When moving data from traditional on-premises systems to public clouds, what to do with the data is the primary focus. Many enterprises simply replicate their current data technology, governance, and security in their cloud provider, not really thinking about improving how data is stored and used, just re-platforming it.
There are many old and new approaches to storing and using data. From the older to the newer we have data warehouses, data lakes, data lakehouses, and data mesh, as well as hybrid approaches that leverage some or all approaches. These are good concepts to understand but have perhaps confused those who are just looking for pragmatic ways to move their existing data to the cloud.
Moreover, each of these approaches comes with a unique technology stack, such as data warehouse databases, object storage, master data management, and data virtualization. All are handy tools to solve most of your transactional data and analytical data needs and should be understood as well.
What are the more pragmatic approaches to dealing with data moving to the cloud? Here are three to start with.
First, fix your data as it moves to the cloud. Just as we purge our junk before a move, data within most enterprises needs updating, if not a complete overhaul. The problem is that most enterprises blow the budget on the migration and have little or no funds left for changes and upgrades to the data design and technology. This could mean redesigning the schemas, adding metadata management and data governance, or using new database technology models (SQL to NoSQL).
The reality is that if you don’t take the time to fix the data during the move, you’re likely to migrate the data twice. First, lifting and shifting the data to platform/database analogs on the public clouds. Then, fixing the data in the future by migrating to new schemas, databases, and database models on the public cloud.
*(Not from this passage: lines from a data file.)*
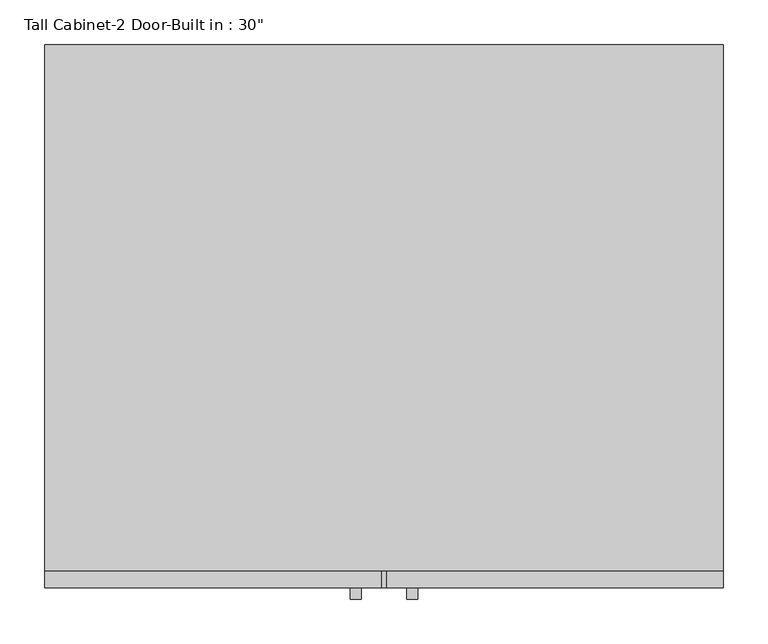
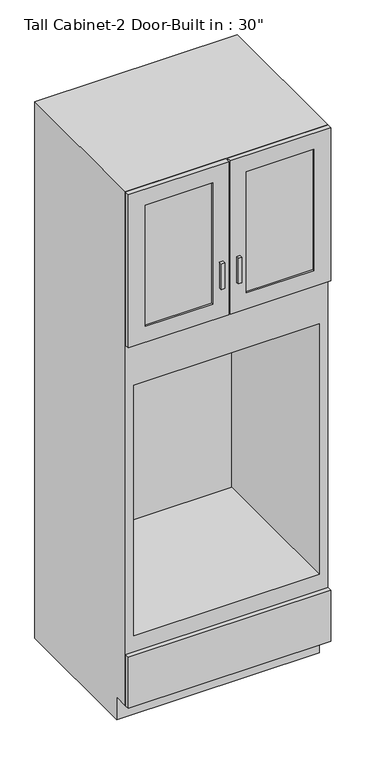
"""IFC4 building model written with IfcOpenShell, lengths in millimetres: furniture geometry."""

from ifc_helpers import new_model, si_unit, frame, origin, place, context, project, spatial, polyline, outline, extrude, faceted_brep, source, transform, mapped, element, save


def furniture_fb6977ac(model_context):
    return source(origin(), model_context, "Body", "SolidModel", [
        faceted_brep([(399.7377049, -590.55, 90.4875), (399.7377049, -590.55, 2135.1875), (-362.2622951, -590.55, 2135.1875), (-362.2622951, -590.55, 90.4875), (-343.2122951, -590.55, 2116.1375), (380.6877049, -590.55, 2116.1375), (380.6877049, -590.55, 1525.5875), (-343.2122951, -590.55, 1525.5875), (367.9877049, -590.55, 357.1875), (-330.5122951, -590.55, 357.1875), (-330.5122951, -590.55, 1354.1375), (367.9877049, -590.55, 1354.1375), (-362.2622951, 0.0, 2135.1875), (399.7377049, 0.0, 2135.1875), (399.7377049, 0.0, 0.0), (-362.2622951, 0.0, 0.0), (399.7377049, -533.4, 90.4875), (399.7377049, -533.4, 0.0), (-362.2622951, -533.4, 0.0), (-362.2622951, -533.4, 90.4875), (380.6877049, -19.05, 2116.1375), (380.6877049, -19.05, 1525.5875), (-343.2122951, -19.05, 1525.5875), (-343.2122951, -19.05, 2116.1375), (367.9877049, -19.05, 357.1875), (-330.5122951, -19.05, 357.1875), (-330.5122951, -19.05, 1354.1375), (367.9877049, -19.05, 1354.1375)], [[[0, 1, 2, 3], [4, 5, 6, 7], [8, 9, 10, 11]], [[12, 13, 14, 15]], [[1, 0, 16, 17, 14, 13]], [[2, 1, 13, 12]], [[3, 2, 12, 15, 18, 19]], [[0, 3, 19, 16]], [[6, 5, 20, 21]], [[4, 7, 22, 23]], [[5, 4, 23, 20]], [[14, 17, 18, 15]], [[18, 17, 16, 19]], [[7, 6, 21, 22]], [[9, 8, 24, 25]], [[10, 9, 25, 26]], [[11, 10, 26, 27]], [[8, 11, 27, 24]], [[21, 20, 23, 22]], [[25, 24, 27, 26]]]),
        extrude(outline(polyline([(399.7377049, -609.6), (-362.2622951, -609.6), (-362.2622951, -590.55), (399.7377049, -590.55), (399.7377049, -609.6)])), frame((0.0, 0.0, 90.4875), z_axis=(0.0, 0.0, 1.0), x_axis=(1.0, 0.0, 0.0)), (0.0, 0.0, 1.0), 203.2),
        extrude(outline(polyline([(2135.1875, 15.5627049), (2135.1875, -362.2622951), (1525.5875, -362.2622951), (1525.5875, 15.5627049), (2135.1875, 15.5627049)]), holes=[polyline([(2071.6875, -44.7622951), (1589.0875, -44.7622951), (1589.0875, -298.7622951), (2071.6875, -298.7622951), (2071.6875, -44.7622951)])]), frame((0.0, -609.6, 0.0), z_axis=(0.0, 1.0, 0.0), x_axis=(0.0, 0.0, 1.0)), (0.0, 0.0, 1.0), 19.05),
        extrude(outline(polyline([(2135.1875, 21.9127049), (1525.5875, 21.9127049), (1525.5875, 399.7377049), (2135.1875, 399.7377049), (2135.1875, 21.9127049)]), holes=[polyline([(2071.6875, 336.2377049), (1589.0875, 336.2377049), (1589.0875, 82.2377049), (2071.6875, 82.2377049), (2071.6875, 336.2377049)])]), frame((0.0, -609.6, 0.0), z_axis=(0.0, 1.0, 0.0), x_axis=(0.0, 0.0, 1.0)), (0.0, 0.0, 1.0), 19.05),
        extrude(outline(polyline([(399.7377049, -609.6), (-362.2622951, -609.6), (-362.2622951, -590.55), (399.7377049, -590.55), (399.7377049, -609.6)])), frame((0.0, 0.0, 90.4875), z_axis=(0.0, 0.0, 1.0), x_axis=(1.0, 0.0, 0.0)), (0.0, 0.0, 1.0), 203.2),
        extrude(outline(polyline([(-6.6622951, -622.3), (-19.1945267, -622.3), (-19.1945267, -609.6), (-6.6622951, -609.6), (-6.6622951, -622.3)])), frame((0.0, 0.0, 1645.6417867), z_axis=(0.0, 0.0, 1.0), x_axis=(1.0, 0.0, 0.0)), (0.0, 0.0, 1.0), 101.6),
        extrude(outline(polyline([(56.6699365, -622.3), (44.1377049, -622.3), (44.1377049, -609.6), (56.6699365, -609.6), (56.6699365, -622.3)])), frame((0.0, 0.0, 1645.6417867), z_axis=(0.0, 0.0, 1.0), x_axis=(1.0, 0.0, 0.0)), (0.0, 0.0, 1.0), 101.6),
        extrude(outline(polyline([(-44.7622951, -603.25), (-298.7622951, -603.25), (-298.7622951, -596.9), (-44.7622951, -596.9), (-44.7622951, -603.25)])), frame((0.0, 0.0, 1589.0875), z_axis=(0.0, 0.0, 1.0), x_axis=(1.0, 0.0, 0.0)), (0.0, 0.0, 1.0), 482.6),
        extrude(outline(polyline([(336.2377049, -603.25), (82.2377049, -603.25), (82.2377049, -596.9), (336.2377049, -596.9), (336.2377049, -603.25)])), frame((0.0, 0.0, 1589.0875), z_axis=(0.0, 0.0, 1.0), x_axis=(1.0, 0.0, 0.0)), (0.0, 0.0, 1.0), 482.6),
    ])


if __name__ == "__main__":
    model = new_model("IFC4")
    model_context = context("Model", 3, world=origin())
    ifc_project = project(units=[si_unit("LENGTHUNIT", "METRE", prefix="MILLI")], contexts=[model_context])
    site = spatial("IfcSite", under=ifc_project)
    building = spatial("IfcBuilding", under=site)
    placement = place(None, origin())
    furniture_shape = furniture_fb6977ac(model_context)
    element("IfcFurniture", 1, ObjectType="Tall Cabinet-2 Door-Built in : 30\"", at=placement, inside=building, context=model_context, shape_type="MappedRepresentation", body=[
        mapped(furniture_shape, transform((0.0, 0.0, 0.0), x_axis=(1.0, 0.0, 0.0), y_axis=(0.0, 1.0, 0.0), z_axis=(0.0, 0.0, 1.0))),
    ])
    save(model, "model.ifc")

Second, weaponize data virtualization if needed. Data virtualization tools allow you to create a database structure that exists only in software, using several back-end physical databases. This is older technology that’s been modernized for the cloud and allows you to work around issues with the physical database designs without forcing physical changes to the back-end databases.
The value is how the layer of abstraction provides a view of the data that is better aligned to how applications and users want to see and consume it. Also, you’re not forced to fix issues with physical databases. If you think this is kicking the database reengineering can down the road, you’re right.
Finally, create or augment your existing database road map. Most enterprises have a vision and a plan for their databases existing on the cloud, but rarely is it written down or does it specify larger agreements with the developers, ops teams, security teams, etc.
There should be a detailed road map of database technology in and out of the cloud. It should include maturation of the databases, migration to new technology, and planning for data security and governance—anything that should occur in the next five years to improve the way data is stored and consumed—both by transactional and analytical systems.
This is where the approaches listed above are helpful; certainly data mesh and others should be considered. Look at the best practices and the emerging architectural patterns. However, don’t get lost in the technology. This is a fit-for-purpose exercise.
Data is the most important asset a company owns, but it’s not often treated like a first-class citizen of enterprise IT. It’s about time that changes.